Naive algorithm with temporary update

type MatrixF64 = Vec<Vec<f64>>;

fn mul(x: &MatrixF64, y: &MatrixF64) -> MatrixF64 {
    let mut result = vec![vec![0.0; x.len()]; y[0].len()];
    for i in 0..x.len() {
        for j in 0..y.len() {
            let mut s = 0.0;
            for k in 0..x.len() {
                s += x[i][k] * y[k][j]; // faster than updating result[i][j] directly
            }
            result[i][j] = s;
        }
    }
    result
}

Transpose algorithm - can use iterators and has better cache locality

fn mul_alt(x: &MatrixF64, y: &MatrixF64) -> MatrixF64 {
    let mut result = vec![vec![0.0; x.len()]; y[0].len()];
    let mut y_t = vec![vec![0.0; x.len()]; y[0].len()];
    for i in 0..y_t.len() {
        for j in 0..y_t[0].len() {
            y_t[i][j] = y[j][i];
        }
    }
    for i in 0..x.len() {
        for j in 0..y_t.len() {
            result[i][j] = x[i].iter()
                .zip(y_t[j].iter())
                .map(|(&a, &b)| a*b)
                .sum::<f64>();
        }
    }
    return result;
}
4 Likes

My first guess is bound check. In rust accessing vec via [] always perform bound check, to panic on out of bound case (this prevent reading invalid/unowned memory, about what C++ doesn't care at all). There is also a possibility, that your C++ compiler handles some optimization better, but I don't think so (because iterator version is equal in speed - and iterator doesn't need any boundary checks). In general direct addressing should be avoided - its neither optimal, nor idiomatic.

To check if I guessed right, just change indexing to get_uncheked(idx) calls which doesn't perform boundary checks (and therefore are unsafe).

6 Likes

Switching to get_unchecked does indeed even the performance of Rust with C++. It is somewhat troubling, what is someone supposed to do if they can't avoid direct addressing? I have always had the impression that one should avoid using unsafe but this is a case where you really can't avoid it (unless you want to allocate a new array).

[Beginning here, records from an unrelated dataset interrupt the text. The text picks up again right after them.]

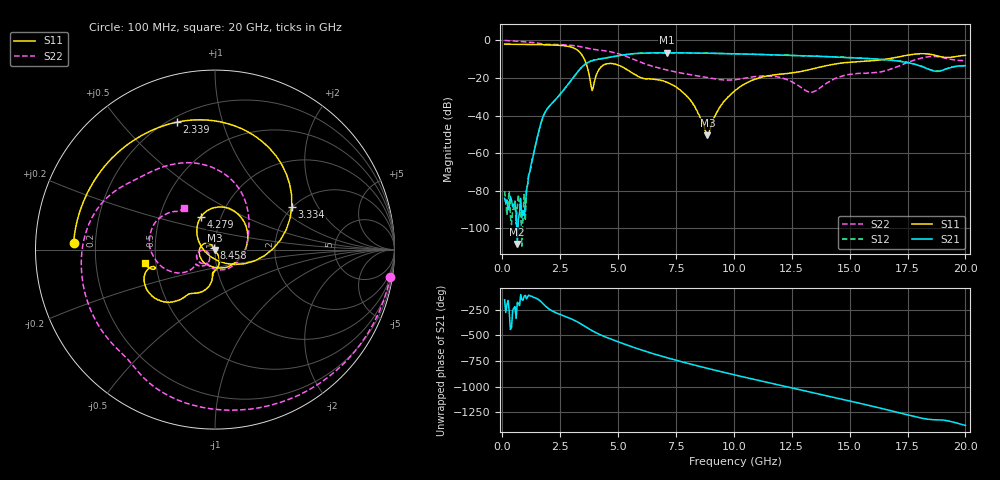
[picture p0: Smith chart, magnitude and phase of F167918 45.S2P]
!  2-Port S-parameters saved by WinCal
! VAR MeasName=S-Parameters (CALIBRATED_DATA) read from VNA (N5242A)
! VAR MeasDate=2016-11-22 10:26:58
! VAR NAME=F167918 45
! VAR FILENAME=F167918 45.S2P
! VAR DATE=2016-11-22 10:26:58
! VAR PHYS_PORTS=1,2
# Hz S DB R 50
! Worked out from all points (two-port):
!   401 points, 100 MHz to 20 GHz, reference 50 ohm
!   highest |S21| = -6.63 dB at 7.115 GHz (marker M1); lowest = -108.3 dB at 647.2 MHz (marker M2)
!   |S21| within 3 dB of the highest: 4.359 GHz to 15.67 GHz (11.31 GHz wide, 113 % of centre)
!   lowest |S11| = -50.6 dB at 8.856 GHz (marker M3), VSWR 1.01, Z = 49.7 - j0.155 ohm
!   |S11| at or under -10 dB: 3.54 GHz to 16.59 GHz (13.05 GHz wide, 130 % of centre)
!   |S22| runs from -27.6 to -0.1 dB; largest |S21 - S12| = 0.0054
!   S11 on the Smith chart (normalised r, x): 100 MHz: 0.12, +0.02; 2.339 GHz: 0.23, +0.72; 3.334 GHz: 1.98, +1.24; 4.279 GHz: 0.80, +0.31; 8.458 GHz: 0.99, +0.02; 20 GHz: 0.43, -0.08
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1e8  -2.07 177.3  -84.06 -154.3  -80.16 173.6  -0.10 -8.8
6.4725e8  -2.14 162.7  -108.32 -179.5  -87.81 -125.0  -0.49 -52.4
9.955e8  -2.20 153.2  -88.49 -110.3  -95.91 -105.1  -0.82 -77.8
1.74175e9  -2.36 130.3  -41.28 172.6  -41.21 172.0  -1.99 -124.3
2.33875e9  -2.60 106.7  -30.93 77.8  -30.93 77.4  -2.26 -152.3
3.33375e9  -6.20 29.2  -15.62 -20.5  -15.63 -20.5  -3.29 158.4
3.43325e9  -7.69 15.7  -14.30 -33.9  -14.31 -33.7  -3.55 153.6
3.881e9  -26.70 -123.1  -10.88 -95.0  -10.83 -95.1  -4.71 136.2
4.279e9  -13.99 112.7  -9.80 -139.0  -9.78 -139.3  -5.34 120.7
4.9755e9  -13.06 42.3  -8.28 159.3  -8.29 159.1  -7.03 88.2
5.72175e9  -18.11 -45.5  -7.06 99.1  -7.06 99.1  -10.40 54.2
6.7665e9  -21.08 -174.2  -6.65 24.5  -6.66 24.3  -14.80 11.4
7.11475e9  -22.34 161.4  -6.63 2.0  -6.65 1.9  -15.84 -6.4
8.458e9  -38.98 128.3  -6.79 -78.6  -6.79 -78.6  -19.01 -84.5
8.856e9  -50.60 -148.2  -6.87 -101.0  -6.87 -101.0  -19.82 -101.9
1.005e10  -26.72 -62.8  -7.18 -165.9  -7.20 -165.8  -20.98 -122.9
1.179125e10  -18.28 -92.0  -7.79 104.0  -7.77 104.1  -19.30 -160.0
1.338325e10  -15.28 -95.5  -8.38 23.1  -8.33 23.3  -27.62 -144.4
1.517425e10  -11.51 -114.1  -9.33 -68.0  -9.29 -68.1  -17.90 -135.3
1.67165e10  -9.76 -123.7  -10.48 -149.6  -10.46 -149.9  -15.61 -140.0
1.835825e10  -7.25 -155.1  -15.13 124.3  -14.99 123.6  -8.77 177.6
2e10  -7.98 -169.4  -13.54 63.1  -13.48 62.4  -10.77 126.1

Again, I know there are the nalgebra and ndarray crates for this type of stuff, but it seems like a hard sell to use Rust in a numerical setting if you have to write code along the lines of:

for i in 0..x.len() {
  for j in 0..y.len() {
    for k in 0.x.len() {
      unsafe {
        result[i][j] += x.get_unchecked(i).get_unchecked(k) * y.get_unchecked(k).get_unchecked(j);
      }
    }
  }
}

I also have no problem with using iterators - I think they are more elegant than indexed loops - but it seems there are many settings where using an iterator either isn't possible or clunky (like this one). In this case, the bounds checking introduces quite a bit of overhead.

1 Like

You can "hoist" bounds checks out of the loop by using slices, as long as LLVM can follow that the slice len and index variable are related:

let len = vec.len();
let slice = &vec[0..len];
for i in 0..len {
    slice[i] // no bounds check
}

And unsafe {get_unchecked()} is fine. You can (with care) build a safe matrix multiplication function on top of it, so the risk doesn't spread.

14 Likes

The problem / question at hand is:

what should the function do on ill-formed inputs?

  • (a pair of Vec<Vec<f64>> can have any shape)

There are two answers to this questions:

  • Undefined Behavior,

  • defined (but garbage, like a panic) behavior

Rust forces the programmer and the code to be very explicit about this choice: if a function cannot handle all inputs, then it must be marked unsafe, which allows following C/C++ dangerous style. On the other hand, a defined behavior no matter how ill-formed the "matrices" may be requires runtime checks on the indexing, which comes at a performance cost.

The best solution for this (zero-cost safety) is having a whole type be only inhabited by valid matrices, hence having a type-level invariant. This is what ndarray, nalgebra and such do.

8 Likes

Note that this verbosity issue can be resolved by building an unsafe_indexing! macro that 1/wraps a code block in unsafe and 2/replaces every occurrence of something[i] with something.get_unchecked(i). For all I know, there might even already be a crate for that.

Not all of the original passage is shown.